Records drawn from a dataset:

· · ·

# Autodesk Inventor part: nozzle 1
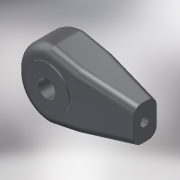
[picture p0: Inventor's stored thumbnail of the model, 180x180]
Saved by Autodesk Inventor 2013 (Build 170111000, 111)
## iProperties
Shininess: 69.0
Length Units: 11269
Angle Units: 11279
Time Units: 11290
Mass Units: 11283
Length Display Precision: 3
Angle Display Precision: 2
Created: 2002-03
Part Number: nozzle 1
Material: UHMW, Black
Document SubType Name: Modeling
Designer: =<Author>
Density: 0.94 g/cm^3
Description: =<Part Number>
Density: 0.94
Volumn: 7.4694824136698434
Area: 25.269763052910612
PropertySet Name: Model Information
Control State: 0
Master: False
Checked Out: True
Last Check In Date: 2008-10-15
Checked Out Date: 2008-10-15
Author: LAlexey
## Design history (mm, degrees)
sketch "Sketch1"
  geometry: L1 (-25.463, 26.268)-(-5.463, 26.268); L2 (-5.463, 26.268)-(12.079, 23.768); L3 (12.079, 23.768)-(12.079, 15.768); L4 (12.079, 15.768)-(-5.463, 13.268); L5 (-5.463, 13.268)-(-25.463, 13.268); L6 (-25.463, 13.268)-(-25.463, 26.268)
  constraints: 12 end point, 2 equal length, 2 parallel, 1 horizontal, 1 perpendicular
  dimensions: "d0" = 13 distance between parallel lines of L5 L1; "d1" = 8 distance of L2.end L3.end; "d2" = 20 distance of L1.start L1.end
extrude "Extrusion1" new body sketch "Sketch1" distance "d3" = 23; taper "d4" = 0 deg
fillet "Fillet1" dims "d5" = 11
sketch "Sketch2"
  geometry: L1 (-9, 23)-(17.542, 17.5); L2 (-9, 0)-(17.542, 5.5); L3 (17.542, 23)-(17.542, 0) reference; L4 (17.542, 17.5)-(17.542, 5.5); L5 (-9, 23)-(17.542, 23); L6 (0, 23)-(17.542, 23) reference; L7 (-9, 0)-(17.542, 0); L8 (17.542, 23)-(17.542, 0); A1 r 11 centre (-9, 11) between (-20, 11) and (-9, 0) reference; A2 r 11 centre (-9, 12) between (-9, 23) and (-20, 12) reference
  constraints: 12 end point, 2 collinear, 2 point on line, 2 tangent, 1 equal length, 1 parallel
  dimensions: "d6" = 12 distance of L2.end L1.end
extrude "Extrusion2" cut sketch "Sketch2" distance "d7" = 23; taper "d8" = 0 deg
fillet "Fillet2" dims "d9" = 3
sketch "Sketch3"
  geometry: C1 r 7.5 at (-9, 6.571); A1 r 8 centre (-9, 7.071) between (-9.283, 15.066) and (-17, 7.071) reference; A2 r 8 centre (-9, 6.071) between (-17, 6.071) and (-9.283, -1.924) reference
  constraints: 1 centre point
  dimensions: "d10" = 0.5 distance of A1.centre C1.centre; "d11" = 0.5 distance of A2.centre C1.centre; "d12" = 15 diameter of C1
extrude "Extrusion3" join sketch "Sketch3" distance "d13" = 0.5; taper "d14" = 0 deg
sketch "Sketch4"
  geometry: C1 r 7.5 at (-9, 6.571) reference
extrude "Extrusion4" join sketch "Sketch4" distance "d15" = 0.5; taper "d16" = 0 deg
sketch "Sketch5"
  geometry: C1 r 7.5 at (0, 0) reference; C2 r 3 at (0, 0)
  constraints: 1 centre point, 1 coincident
  dimensions: "d17" = 6 diameter of C2
extrude "Extrusion5" cut sketch "Sketch5" distance "d18" = 500; taper "d19" = 0 deg
workaxis "Work Axis1"
sketch "Sketch6"
  geometry: L1 (-6, 10.856)-(-6, -8.744) reference; L2 (-13.5, 8.056)-(1.5, 8.056) reference; L3 (1.5, -5.944)-(-13.5, -5.944) reference; C1 r 1.5 at (-6, 1.056)
  constraints: 1 centre point
  dimensions: "d20" = 3 diameter of C1; "d21" = 0 distance from line of L1 C1.centre; "d22" = 7 distance from line of L2 C1.centre; "d23" = 7 distance from line of C1.centre L3 (derived)
extrude "Extrusion6" cut sketch "Sketch6" distance "d24" = 5; taper "d25" = 0 deg
body "Solid1"

· · ·

* _What you will do_: Every line above should be printed again word for word, without its pictures.

* _Task response_:
# Autodesk Inventor part: nozzle 1
[picture p0: Inventor's stored thumbnail of the model, 180x180]
Saved by Autodesk Inventor 2013 (Build 170111000, 111)
## iProperties
Shininess: 69.0
Length Units: 11269
Angle Units: 11279
Time Units: 11290
Mass Units: 11283
Length Display Precision: 3
Angle Display Precision: 2
Created: 2002-03
Part Number: nozzle 1
Material: UHMW, Black
Document SubType Name: Modeling
Designer: =<Author>
Density: 0.94 g/cm^3
Description: =<Part Number>
Density: 0.94
Volumn: 7.4694824136698434
Area: 25.269763052910612
PropertySet Name: Model Information
Control State: 0
Master: False
Checked Out: True
Last Check In Date: 2008-10-15
Checked Out Date: 2008-10-15
Author: LAlexey
## Design history (mm, degrees)
sketch "Sketch1"
  geometry: L1 (-25.463, 26.268)-(-5.463, 26.268); L2 (-5.463, 26.268)-(12.079, 23.768); L3 (12.079, 23.768)-(12.079, 15.768); L4 (12.079, 15.768)-(-5.463, 13.268); L5 (-5.463, 13.268)-(-25.463, 13.268); L6 (-25.463, 13.268)-(-25.463, 26.268)
  constraints: 12 end point, 2 equal length, 2 parallel, 1 horizontal, 1 perpendicular
  dimensions: "d0" = 13 distance between parallel lines of L5 L1; "d1" = 8 distance of L2.end L3.end; "d2" = 20 distance of L1.start L1.end
extrude "Extrusion1" new body sketch "Sketch1" distance "d3" = 23; taper "d4" = 0 deg
fillet "Fillet1" dims "d5" = 11
sketch "Sketch2"
  geometry: L1 (-9, 23)-(17.542, 17.5); L2 (-9, 0)-(17.542, 5.5); L3 (17.542, 23)-(17.542, 0) reference; L4 (17.542, 17.5)-(17.542, 5.5); L5 (-9, 23)-(17.542, 23); L6 (0, 23)-(17.542, 23) reference; L7 (-9, 0)-(17.542, 0); L8 (17.542, 23)-(17.542, 0); A1 r 11 centre (-9, 11) between (-20, 11) and (-9, 0) reference; A2 r 11 centre (-9, 12) between (-9, 23) and (-20, 12) reference
  constraints: 12 end point, 2 collinear, 2 point on line, 2 tangent, 1 equal length, 1 parallel
  dimensions: "d6" = 12 distance of L2.end L1.end
extrude "Extrusion2" cut sketch "Sketch2" distance "d7" = 23; taper "d8" = 0 deg
fillet "Fillet2" dims "d9" = 3
sketch "Sketch3"
  geometry: C1 r 7.5 at (-9, 6.571); A1 r 8 centre (-9, 7.071) between (-9.283, 15.066) and (-17, 7.071) reference; A2 r 8 centre (-9, 6.071) between (-17, 6.071) and (-9.283, -1.924) reference
  constraints: 1 centre point
  dimensions: "d10" = 0.5 distance of A1.centre C1.centre; "d11" = 0.5 distance of A2.centre C1.centre; "d12" = 15 diameter of C1
extrude "Extrusion3" join sketch "Sketch3" distance "d13" = 0.5; taper "d14" = 0 deg
sketch "Sketch4"
  geometry: C1 r 7.5 at (-9, 6.571) reference
extrude "Extrusion4" join sketch "Sketch4" distance "d15" = 0.5; taper "d16" = 0 deg
sketch "Sketch5"
  geometry: C1 r 7.5 at (0, 0) reference; C2 r 3 at (0, 0)
  constraints: 1 centre point, 1 coincident
  dimensions: "d17" = 6 diameter of C2
extrude "Extrusion5" cut sketch "Sketch5" distance "d18" = 500; taper "d19" = 0 deg
workaxis "Work Axis1"
sketch "Sketch6"
  geometry: L1 (-6, 10.856)-(-6, -8.744) reference; L2 (-13.5, 8.056)-(1.5, 8.056) reference; L3 (1.5, -5.944)-(-13.5, -5.944) reference; C1 r 1.5 at (-6, 1.056)
  constraints: 1 centre point
  dimensions: "d20" = 3 diameter of C1; "d21" = 0 distance from line of L1 C1.centre; "d22" = 7 distance from line of L2 C1.centre; "d23" = 7 distance from line of C1.centre L3 (derived)
extrude "Extrusion6" cut sketch "Sketch6" distance "d24" = 5; taper "d25" = 0 deg
body "Solid1"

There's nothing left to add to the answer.